[TRY IT] Once the line containing "## Design history" is found in the records below, return it and each following line exactly, up to and including the line containing "coincidence: L4 V", and nothing else.

Start of Block

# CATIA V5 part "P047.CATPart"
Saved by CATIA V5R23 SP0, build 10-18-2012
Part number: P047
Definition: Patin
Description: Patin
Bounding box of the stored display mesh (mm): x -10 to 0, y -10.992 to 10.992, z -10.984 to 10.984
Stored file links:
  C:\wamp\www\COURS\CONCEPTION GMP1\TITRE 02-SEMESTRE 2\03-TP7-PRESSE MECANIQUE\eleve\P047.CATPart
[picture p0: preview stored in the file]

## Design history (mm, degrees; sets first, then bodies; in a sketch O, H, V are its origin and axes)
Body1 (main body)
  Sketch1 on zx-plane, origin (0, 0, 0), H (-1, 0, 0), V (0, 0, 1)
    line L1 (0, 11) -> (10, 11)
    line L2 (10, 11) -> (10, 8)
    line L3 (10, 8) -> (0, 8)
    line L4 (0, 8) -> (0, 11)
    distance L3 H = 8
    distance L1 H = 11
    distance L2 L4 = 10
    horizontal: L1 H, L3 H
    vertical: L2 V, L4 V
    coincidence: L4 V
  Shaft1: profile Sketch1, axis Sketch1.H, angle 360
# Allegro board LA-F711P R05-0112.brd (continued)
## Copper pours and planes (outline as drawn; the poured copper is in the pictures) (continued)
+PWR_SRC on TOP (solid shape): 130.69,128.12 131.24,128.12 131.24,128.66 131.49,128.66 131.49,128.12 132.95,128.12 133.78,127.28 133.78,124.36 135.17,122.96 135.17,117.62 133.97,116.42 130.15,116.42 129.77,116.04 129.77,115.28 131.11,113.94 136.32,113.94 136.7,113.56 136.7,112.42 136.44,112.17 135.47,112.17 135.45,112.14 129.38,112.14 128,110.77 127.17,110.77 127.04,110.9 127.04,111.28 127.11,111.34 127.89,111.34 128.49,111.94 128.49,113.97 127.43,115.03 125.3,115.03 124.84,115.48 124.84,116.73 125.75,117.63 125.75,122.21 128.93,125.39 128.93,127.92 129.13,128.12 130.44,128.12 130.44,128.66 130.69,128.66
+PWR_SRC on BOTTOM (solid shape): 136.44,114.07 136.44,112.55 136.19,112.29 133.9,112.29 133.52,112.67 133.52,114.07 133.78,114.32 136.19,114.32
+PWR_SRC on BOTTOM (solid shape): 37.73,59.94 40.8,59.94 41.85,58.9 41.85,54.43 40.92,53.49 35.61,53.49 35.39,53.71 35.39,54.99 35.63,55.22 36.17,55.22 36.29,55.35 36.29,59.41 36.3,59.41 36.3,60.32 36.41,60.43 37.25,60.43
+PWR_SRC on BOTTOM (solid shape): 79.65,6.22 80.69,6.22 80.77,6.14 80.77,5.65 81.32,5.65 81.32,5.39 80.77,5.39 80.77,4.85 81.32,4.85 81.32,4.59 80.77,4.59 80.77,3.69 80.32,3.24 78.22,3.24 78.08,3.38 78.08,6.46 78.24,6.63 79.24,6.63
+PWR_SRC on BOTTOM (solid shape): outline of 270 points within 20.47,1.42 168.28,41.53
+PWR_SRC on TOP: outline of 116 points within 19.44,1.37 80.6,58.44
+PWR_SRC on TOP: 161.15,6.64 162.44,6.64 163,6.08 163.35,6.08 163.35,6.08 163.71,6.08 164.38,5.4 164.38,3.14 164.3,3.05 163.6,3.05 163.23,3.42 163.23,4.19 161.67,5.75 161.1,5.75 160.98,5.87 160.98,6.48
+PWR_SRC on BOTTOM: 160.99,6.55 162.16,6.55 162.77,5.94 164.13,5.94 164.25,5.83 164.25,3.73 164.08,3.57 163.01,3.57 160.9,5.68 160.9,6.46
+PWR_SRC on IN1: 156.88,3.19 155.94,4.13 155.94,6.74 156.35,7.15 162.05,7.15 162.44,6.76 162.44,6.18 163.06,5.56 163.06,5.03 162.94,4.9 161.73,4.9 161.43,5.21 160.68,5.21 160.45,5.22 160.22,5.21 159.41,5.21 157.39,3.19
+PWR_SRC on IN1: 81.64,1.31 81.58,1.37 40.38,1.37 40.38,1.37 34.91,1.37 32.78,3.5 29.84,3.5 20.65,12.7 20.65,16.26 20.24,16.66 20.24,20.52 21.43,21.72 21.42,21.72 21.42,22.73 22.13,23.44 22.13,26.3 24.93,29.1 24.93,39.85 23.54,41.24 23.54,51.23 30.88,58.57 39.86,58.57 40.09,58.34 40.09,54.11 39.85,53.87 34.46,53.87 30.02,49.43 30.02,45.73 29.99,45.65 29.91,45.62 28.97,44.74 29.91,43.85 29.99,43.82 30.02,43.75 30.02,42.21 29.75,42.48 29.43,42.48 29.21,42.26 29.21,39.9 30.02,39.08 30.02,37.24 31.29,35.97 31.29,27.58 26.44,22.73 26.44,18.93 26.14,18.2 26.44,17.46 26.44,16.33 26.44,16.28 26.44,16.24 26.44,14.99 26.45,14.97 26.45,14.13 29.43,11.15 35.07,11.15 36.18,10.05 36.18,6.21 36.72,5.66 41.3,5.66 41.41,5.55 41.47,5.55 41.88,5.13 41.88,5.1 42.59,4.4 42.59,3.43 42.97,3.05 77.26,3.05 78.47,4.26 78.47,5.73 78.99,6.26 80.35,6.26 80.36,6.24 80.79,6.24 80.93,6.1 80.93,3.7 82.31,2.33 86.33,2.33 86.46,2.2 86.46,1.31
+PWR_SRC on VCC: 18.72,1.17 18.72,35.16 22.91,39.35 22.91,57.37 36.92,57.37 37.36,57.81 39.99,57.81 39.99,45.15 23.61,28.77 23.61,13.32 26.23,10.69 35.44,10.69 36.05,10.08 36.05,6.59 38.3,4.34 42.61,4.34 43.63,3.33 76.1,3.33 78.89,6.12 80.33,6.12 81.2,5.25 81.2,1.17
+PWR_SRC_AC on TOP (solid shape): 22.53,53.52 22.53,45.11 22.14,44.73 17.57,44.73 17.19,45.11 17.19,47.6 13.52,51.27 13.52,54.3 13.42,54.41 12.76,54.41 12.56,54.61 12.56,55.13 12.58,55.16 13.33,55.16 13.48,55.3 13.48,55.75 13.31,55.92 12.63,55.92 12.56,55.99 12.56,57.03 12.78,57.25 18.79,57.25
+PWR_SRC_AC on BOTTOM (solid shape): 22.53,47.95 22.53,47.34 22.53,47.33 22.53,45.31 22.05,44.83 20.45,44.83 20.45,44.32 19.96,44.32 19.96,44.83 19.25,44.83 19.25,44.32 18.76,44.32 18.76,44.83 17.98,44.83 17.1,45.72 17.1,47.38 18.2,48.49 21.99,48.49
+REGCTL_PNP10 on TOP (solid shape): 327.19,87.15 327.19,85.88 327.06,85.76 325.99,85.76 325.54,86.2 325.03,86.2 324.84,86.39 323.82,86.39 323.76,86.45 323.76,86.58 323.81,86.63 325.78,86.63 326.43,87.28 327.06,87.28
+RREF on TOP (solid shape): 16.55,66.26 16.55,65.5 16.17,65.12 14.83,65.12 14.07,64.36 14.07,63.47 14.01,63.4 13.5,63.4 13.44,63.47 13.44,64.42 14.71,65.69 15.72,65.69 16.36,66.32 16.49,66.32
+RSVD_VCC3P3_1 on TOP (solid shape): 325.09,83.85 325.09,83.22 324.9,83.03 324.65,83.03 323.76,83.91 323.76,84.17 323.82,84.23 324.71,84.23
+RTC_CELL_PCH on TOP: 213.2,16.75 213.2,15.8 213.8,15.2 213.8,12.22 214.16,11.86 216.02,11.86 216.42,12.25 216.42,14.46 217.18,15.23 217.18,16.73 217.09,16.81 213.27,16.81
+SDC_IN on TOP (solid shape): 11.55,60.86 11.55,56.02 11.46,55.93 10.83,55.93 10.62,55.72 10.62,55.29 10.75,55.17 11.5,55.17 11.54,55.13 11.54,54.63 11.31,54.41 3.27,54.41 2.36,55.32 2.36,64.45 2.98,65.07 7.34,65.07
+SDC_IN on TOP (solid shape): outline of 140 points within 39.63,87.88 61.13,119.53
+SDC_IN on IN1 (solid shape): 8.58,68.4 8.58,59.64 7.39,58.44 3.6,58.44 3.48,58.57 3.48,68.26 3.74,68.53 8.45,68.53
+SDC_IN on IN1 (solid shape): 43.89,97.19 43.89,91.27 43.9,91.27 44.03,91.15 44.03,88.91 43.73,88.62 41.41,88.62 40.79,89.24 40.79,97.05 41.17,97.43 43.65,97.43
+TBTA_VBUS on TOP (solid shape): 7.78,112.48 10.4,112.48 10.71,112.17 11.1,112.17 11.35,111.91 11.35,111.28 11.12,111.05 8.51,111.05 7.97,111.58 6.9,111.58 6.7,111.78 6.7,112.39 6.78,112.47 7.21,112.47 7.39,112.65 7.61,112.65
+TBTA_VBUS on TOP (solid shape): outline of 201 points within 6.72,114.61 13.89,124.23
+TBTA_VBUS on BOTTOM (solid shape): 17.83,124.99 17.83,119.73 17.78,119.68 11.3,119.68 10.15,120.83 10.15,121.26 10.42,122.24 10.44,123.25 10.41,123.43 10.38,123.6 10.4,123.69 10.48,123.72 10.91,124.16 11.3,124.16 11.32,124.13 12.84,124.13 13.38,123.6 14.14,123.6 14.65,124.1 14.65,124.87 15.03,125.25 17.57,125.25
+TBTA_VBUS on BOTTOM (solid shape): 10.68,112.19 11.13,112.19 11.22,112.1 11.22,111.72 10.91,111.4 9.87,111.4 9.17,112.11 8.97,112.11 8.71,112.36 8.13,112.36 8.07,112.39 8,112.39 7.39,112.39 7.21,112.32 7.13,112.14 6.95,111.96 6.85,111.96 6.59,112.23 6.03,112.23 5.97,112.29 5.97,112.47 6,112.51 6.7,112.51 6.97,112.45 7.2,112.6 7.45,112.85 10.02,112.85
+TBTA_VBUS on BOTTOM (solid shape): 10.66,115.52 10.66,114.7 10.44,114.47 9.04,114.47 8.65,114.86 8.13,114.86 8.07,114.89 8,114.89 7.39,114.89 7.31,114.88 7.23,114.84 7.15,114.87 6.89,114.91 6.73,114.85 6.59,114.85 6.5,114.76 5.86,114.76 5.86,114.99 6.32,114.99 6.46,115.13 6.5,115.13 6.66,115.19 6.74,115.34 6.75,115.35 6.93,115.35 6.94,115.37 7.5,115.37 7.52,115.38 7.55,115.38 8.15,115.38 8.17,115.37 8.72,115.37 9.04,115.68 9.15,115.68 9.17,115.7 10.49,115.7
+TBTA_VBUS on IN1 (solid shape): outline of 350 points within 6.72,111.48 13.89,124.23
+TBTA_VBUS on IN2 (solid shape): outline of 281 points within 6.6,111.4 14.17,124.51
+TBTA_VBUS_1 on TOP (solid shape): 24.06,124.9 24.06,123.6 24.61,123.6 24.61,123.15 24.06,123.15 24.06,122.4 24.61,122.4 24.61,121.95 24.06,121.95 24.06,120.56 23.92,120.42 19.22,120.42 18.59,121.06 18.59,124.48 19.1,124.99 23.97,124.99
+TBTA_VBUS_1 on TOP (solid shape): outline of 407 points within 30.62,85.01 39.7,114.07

End of Block

[ANSWER TO THIS EXERCISE]
## Design history (mm, degrees; sets first, then bodies; in a sketch O, H, V are its origin and axes)
Body1 (main body)
  Sketch1 on zx-plane, origin (0, 0, 0), H (-1, 0, 0), V (0, 0, 1)
    line L1 (0, 11) -> (10, 11)
    line L2 (10, 11) -> (10, 8)
    line L3 (10, 8) -> (0, 8)
    line L4 (0, 8) -> (0, 11)
    distance L3 H = 8
    distance L1 H = 11
    distance L2 L4 = 10
    horizontal: L1 H, L3 H
    vertical: L2 V, L4 V
    coincidence: L4 V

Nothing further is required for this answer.